# Work to complete:
Your output should be the lines from the one with "height=1, rotation=rotation, dxfattribs=at).set_placement(p)" through the end of the entries below, set down word for word and nothing else.

(Data entries)
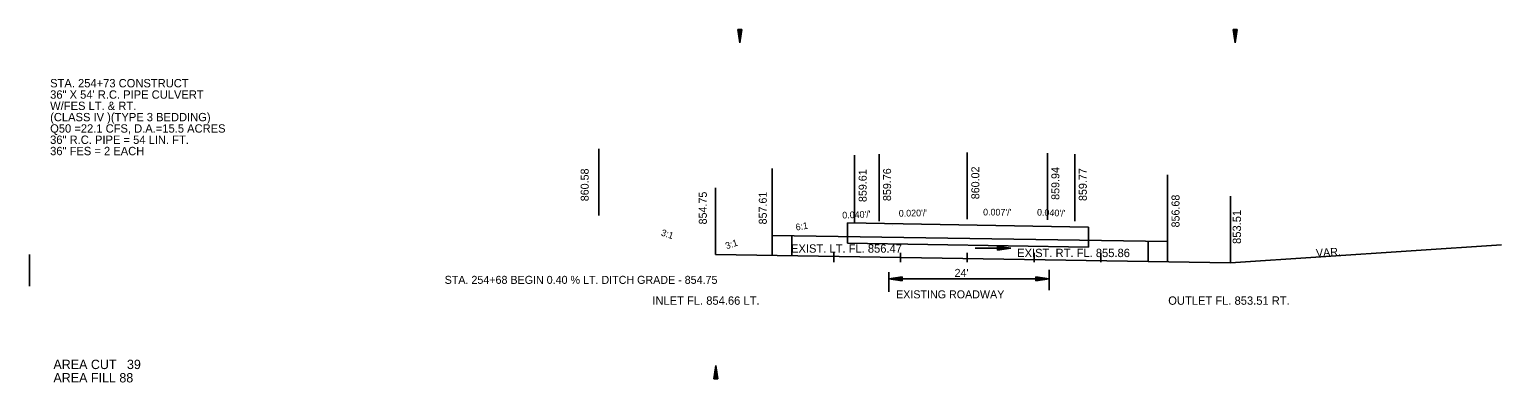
# Model space of a CAD drawing. Extents: x 1486524 to 1499135, y 326561 to 337924.
# Drawn here: x 1489180.3 to 1489401, y 328310.3 to 328363.1 of the extents above; entities that cross this region are included whole.
import ezdxf

# ---------------------------------------------------------------- set-up
doc = ezdxf.new("R2010")
doc.units = 0
for name, color, linetype in [('E_Const Align', 7, 'Continuous'), ('E_Const Align Station', 7, 'Continuous'), ('E_Proposed ROW and Easements', 7, 'Continuous'), ('E_Proposed ROW Fig Annot', 7, 'Continuous'), ('R_Water Annot', 7, 'Continuous'), ('R_Xsect Elev', 7, 'Continuous'), ('R_Xsect Slope', 7, 'Continuous')]:
    doc.layers.add(name, color=color, linetype=linetype)

msp = doc.modelspace()

# ---------------------------------------------------------------- linework, layer by layer
at = {"layer": 'E_Const Align'}
for p, q in [((1489300.91, 328328.3), (1489300.91, 328329.7)), ((1489310.91, 328328.3), (1489310.91, 328329.7)), ((1489320.91, 328328.3), (1489320.91, 328329.7)), ((1489330.91, 328328.3), (1489330.91, 328329.7)), ((1489340.91, 328328.3), (1489340.91, 328329.7)), ((1489350.91, 328328.3), (1489350.91, 328329.7))]:
    msp.add_line(p, q, dxfattribs=at)
at = {"layer": 'E_Proposed ROW and Easements'}
for p, q in [((1489302.94, 328331.17), (1489302.94, 328334.17)), ((1489302.94, 328334.17), (1489339.1, 328333.56)), ((1489339.1, 328330.56), (1489339.1, 328333.56)), ((1489302.94, 328331.17), (1489339.1, 328330.56)), ((1489309.12, 328326.79), (1489309.12, 328323.84)), ((1489311.12, 328326.09), (1489309.12, 328325.79)), ((1489311.12, 328325.49), (1489309.12, 328325.79)), ((1489311.12, 328326.04), (1489309.45, 328325.79)), ((1489311.12, 328325.54), (1489309.45, 328325.79)), ((1489311.12, 328325.99), (1489309.79, 328325.79)), ((1489311.12, 328325.59), (1489309.79, 328325.79)), ((1489311.12, 328325.94), (1489310.13, 328325.79)), ((1489311.12, 328325.64), (1489310.13, 328325.79)), ((1489311.12, 328325.88), (1489310.47, 328325.79)), ((1489311.12, 328325.69), (1489310.47, 328325.79)), ((1489311.12, 328325.83), (1489310.8, 328325.79)), ((1489311.12, 328325.74), (1489310.8, 328325.79)), ((1489311.12, 328325.49), (1489311.12, 328326.09)), ((1489331.18, 328326.09), (1489333.18, 328325.79)), ((1489331.18, 328326.09), (1489331.18, 328325.49)), ((1489331.18, 328326.04), (1489332.85, 328325.79)), ((1489331.18, 328325.99), (1489332.51, 328325.79)), ((1489331.18, 328325.94), (1489332.17, 328325.79)), ((1489331.18, 328325.89), (1489331.83, 328325.79)), ((1489331.18, 328325.84), (1489331.5, 328325.79)), ((1489331.18, 328325.49), (1489333.18, 328325.79)), ((1489331.18, 328325.69), (1489331.83, 328325.79)), ((1489331.18, 328325.59), (1489332.51, 328325.79)), ((1489331.18, 328325.54), (1489332.85, 328325.79)), ((1489331.18, 328325.64), (1489332.17, 328325.79)), ((1489331.18, 328325.74), (1489331.5, 328325.79)), ((1489333.18, 328327.17), (1489333.18, 328324.1))]:
    msp.add_line(p, q, dxfattribs=at)
at = {"layer": 'E_Proposed ROW Fig Annot'}
for p, q in [((1489286.53, 328363.15), (1489286.83, 328361.15)), ((1489287.13, 328363.15), (1489286.53, 328363.15)), ((1489286.53, 328363.15), (1489286.83, 328361.15)), ((1489287.13, 328363.15), (1489286.53, 328363.15)), ((1489286.58, 328363.15), (1489286.83, 328361.48)), ((1489286.58, 328363.15), (1489286.83, 328361.48)), ((1489286.63, 328363.15), (1489286.83, 328361.83)), ((1489286.63, 328363.15), (1489286.83, 328361.83)), ((1489286.68, 328363.15), (1489286.83, 328362.16)), ((1489286.68, 328363.15), (1489286.83, 328362.16)), ((1489286.73, 328363.15), (1489286.83, 328362.5)), ((1489286.73, 328363.15), (1489286.83, 328362.5)), ((1489286.78, 328363.15), (1489286.83, 328362.83)), ((1489286.78, 328363.15), (1489286.83, 328362.83)), ((1489287.13, 328363.15), (1489286.83, 328361.15)), ((1489286.93, 328363.15), (1489286.83, 328362.5)), ((1489287.03, 328363.15), (1489286.83, 328361.83)), ((1489287.08, 328363.15), (1489286.83, 328361.48)), ((1489286.98, 328363.15), (1489286.83, 328362.16)), ((1489286.88, 328363.15), (1489286.83, 328362.83)), ((1489287.13, 328363.15), (1489286.83, 328361.15)), ((1489286.93, 328363.15), (1489286.83, 328362.5)), ((1489287.03, 328363.15), (1489286.83, 328361.83)), ((1489287.08, 328363.15), (1489286.83, 328361.48)), ((1489286.98, 328363.15), (1489286.83, 328362.16)), ((1489286.88, 328363.15), (1489286.83, 328362.83)), ((1489360.77, 328363.15), (1489361.07, 328361.15)), ((1489361.37, 328363.15), (1489360.77, 328363.15)), ((1489360.77, 328363.15), (1489361.07, 328361.15)), ((1489361.37, 328363.15), (1489360.77, 328363.15)), ((1489360.82, 328363.15), (1489361.07, 328361.48)), ((1489360.82, 328363.15), (1489361.07, 328361.48)), ((1489360.87, 328363.15), (1489361.07, 328361.83)), ((1489360.87, 328363.15), (1489361.07, 328361.83)), ((1489360.92, 328363.15), (1489361.07, 328362.16)), ((1489360.92, 328363.15), (1489361.07, 328362.16)), ((1489360.97, 328363.15), (1489361.07, 328362.5)), ((1489360.97, 328363.15), (1489361.07, 328362.5)), ((1489361.02, 328363.15), (1489361.07, 328362.83)), ((1489361.02, 328363.15), (1489361.07, 328362.83)), ((1489361.37, 328363.15), (1489361.07, 328361.15)), ((1489361.16, 328363.15), (1489361.07, 328362.5)), ((1489361.27, 328363.15), (1489361.07, 328361.83)), ((1489361.32, 328363.15), (1489361.07, 328361.48)), ((1489361.22, 328363.15), (1489361.07, 328362.16)), ((1489361.11, 328363.15), (1489361.07, 328362.83)), ((1489361.37, 328363.15), (1489361.07, 328361.15)), ((1489361.16, 328363.15), (1489361.07, 328362.5)), ((1489361.27, 328363.15), (1489361.07, 328361.83)), ((1489361.32, 328363.15), (1489361.07, 328361.48)), ((1489361.22, 328363.15), (1489361.07, 328362.16)), ((1489361.11, 328363.15), (1489361.07, 328362.83)), ((1489291.68, 328332.31), (1489350.91, 328331.37)), ((1489291.68, 328332.31), (1489291.68, 328329.31)), ((1489294.58, 328332.24), (1489294.58, 328329.24)), ((1489325.41, 328330.7), (1489327.41, 328330.4)), ((1489325.41, 328330.7), (1489325.41, 328330.1)), ((1489325.41, 328330.65), (1489327.07, 328330.4)), ((1489325.41, 328330.6), (1489326.73, 328330.4)), ((1489325.41, 328330.55), (1489326.4, 328330.4)), ((1489325.41, 328330.49), (1489326.06, 328330.4)), ((1489325.41, 328330.44), (1489325.72, 328330.4)), ((1489325.41, 328330.1), (1489327.41, 328330.4)), ((1489325.41, 328330.3), (1489326.06, 328330.4)), ((1489325.41, 328330.2), (1489326.73, 328330.4)), ((1489325.41, 328330.15), (1489327.07, 328330.4)), ((1489325.41, 328330.25), (1489326.4, 328330.4)), ((1489325.41, 328330.35), (1489325.72, 328330.4)), ((1489348.01, 328331.42), (1489348.01, 328328.4)), ((1489350.91, 328331.37), (1489350.91, 328328.35)), ((1489360.36, 328328.2), (1489401, 328330.91)), ((1489180.32, 328329.44), (1489180.32, 328324.69)), ((1489283.15, 328329.44), (1489360.36, 328328.2)), ((1489309.12, 328325.79), (1489333.18, 328325.79)), ((1489282.91, 328310.81), (1489283.21, 328312.81)), ((1489282.96, 328310.81), (1489283.21, 328312.48)), ((1489283.02, 328310.81), (1489283.21, 328312.14)), ((1489283.51, 328310.81), (1489283.21, 328312.81)), ((1489283.46, 328310.81), (1489283.21, 328312.48)), ((1489283.41, 328310.81), (1489283.21, 328312.14)), ((1489282.91, 328310.81), (1489283.51, 328310.81)), ((1489283.07, 328310.81), (1489283.21, 328311.8)), ((1489283.12, 328310.81), (1489283.21, 328311.46)), ((1489283.17, 328310.81), (1489283.21, 328311.13)), ((1489283.36, 328310.81), (1489283.21, 328311.8)), ((1489283.31, 328310.81), (1489283.21, 328311.46)), ((1489283.26, 328310.81), (1489283.21, 328311.13))]:
    msp.add_line(p, q, dxfattribs=at)
at = {"layer": 'R_Water Annot'}
msp.add_line((1489322.11, 328330.4), (1489327.11, 328330.4), dxfattribs=at)
at = {"layer": 'R_Xsect Elev'}
for p, q in [((1489265.66, 328335.28), (1489265.66, 328345.28)), ((1489304.02, 328334.3), (1489304.02, 328344.3)), ((1489307.68, 328334.45), (1489307.68, 328344.45)), ((1489320.91, 328334.72), (1489320.91, 328344.72)), ((1489332.91, 328334.63), (1489332.91, 328344.63)), ((1489337.02, 328334.46), (1489337.02, 328344.46)), ((1489291.68, 328332.31), (1489291.68, 328342.31)), ((1489350.91, 328331.37), (1489350.91, 328341.37)), ((1489283.15, 328329.44), (1489283.15, 328339.44)), ((1489360.36, 328328.2), (1489360.36, 328338.2)), ((1489309.62, 328333.74), (1489309.62, 328333.74))]:
    msp.add_line(p, q, dxfattribs=at)

# ---------------------------------------------------------------- texts
at = {"layer": 'E_Const Align Station'}
for s, p in [('AREA CUT   39', (1489183.91, 328312.29)), ('AREA FILL 88', (1489183.91, 328310.29))]:
    msp.add_text(s, height=1.4, dxfattribs=at).set_placement(p)
at = {"layer": 'E_Proposed ROW and Easements'}
for s, p in [('EXIST. LT. FL. 856.47', (1489294.48, 328329.72)), ('EXIST. RT. FL. 855.86', (1489328.38, 328329.06))]:
    msp.add_text(s, height=1.25, dxfattribs=at).set_placement(p)
at = {"layer": 'E_Proposed ROW Fig Annot'}
for s, height, p in [('36" X 54\' R.C. PIPE CULVERT', 1.25, (1489183.42, 328352.78)), ('STA. 254+73 CONSTRUCT', 1.25, (1489183.42, 328354.48)), ('W/FES LT. & RT.', 1.25, (1489183.42, 328351.09)), ('(CLASS IV )(TYPE 3 BEDDING)  ', 1.25, (1489183.42, 328349.4)), ('Q50 =22.1 CFS, D.A.=15.5 ACRES', 1.25, (1489183.42, 328347.7)), ('36" R.C. PIPE = 54 LIN. FT.', 1.25, (1489183.42, 328346.01)), ('36" FES = 2 EACH', 1.25, (1489183.42, 328344.32)), ('STA. 254+68 BEGIN 0.40 % LT. DITCH GRADE - 854.75', 1.2, (1489242.56, 328325.05)), ("24'", 1.2, (1489319, 328326.09)), ('EXISTING ROADWAY', 1.2, (1489310.23, 328322.88))]:
    msp.add_text(s, height=height, dxfattribs=at).set_placement(p)
msp.add_text('VAR.', height=1.2, rotation=3.8102, dxfattribs=at).set_placement((1489373.21, 328329.06))
at = {"layer": 'R_Water Annot'}
for s, p in [('INLET FL. 854.66 LT.', (1489273.69, 328321.92)), ('OUTLET FL. 853.51 RT.', (1489351.03, 328321.92))]:
    msp.add_text(s, height=1.25, dxfattribs=at).set_placement(p)
at = {"layer": 'R_Xsect Elev'}
for s, height, p in [('860.58', 1.2, (1489264.15, 328337.42)), ('859.61', 1.2, (1489305.82, 328337.3)), ('859.76', 1.2, (1489309.48, 328337.45)), ('860.02', 1.2, (1489322.71, 328337.72)), ('859.94', 1.2, (1489334.71, 328337.63)), ('859.77', 1.2, (1489338.82, 328337.46)), ('854.75', 1.2, (1489281.86, 328333.95)), ('857.61', 1.2, (1489290.85, 328333.95)), ('856.68', 1.2, (1489352.72, 328333.5)), ('853.51', 1.25, (1489361.94, 328331.03))]:
    msp.add_text(s, height=height, rotation=90, dxfattribs=at).set_placement(p)
at = {"layer": 'R_Xsect Slope'}
for s, rotation, p in [('6:1', 9.0788, (1489295.25, 328333.03)), ("0.040'/'", 2.2906, (1489302.18, 328334.83)), ("0.020'/'", 1.1458, (1489310.64, 328335.11)), ("0.007'/'", 359.5824, (1489323.27, 328335.3)), ("0.040'/'", 357.7094, (1489331.34, 328335.29)), ('3:1', 341.5651, (1489274.91, 328332.32)), ('3:1', 18.4349, (1489284.83, 328330.23))]:
    msp.add_text(s, height=1, rotation=rotation, dxfattribs=at).set_placement(p)

doc.saveas('drawing.dxf')

# Solution to the problem:
    msp.add_text(s, height=1, rotation=rotation, dxfattribs=at).set_placement(p)

doc.saveas('drawing.dxf')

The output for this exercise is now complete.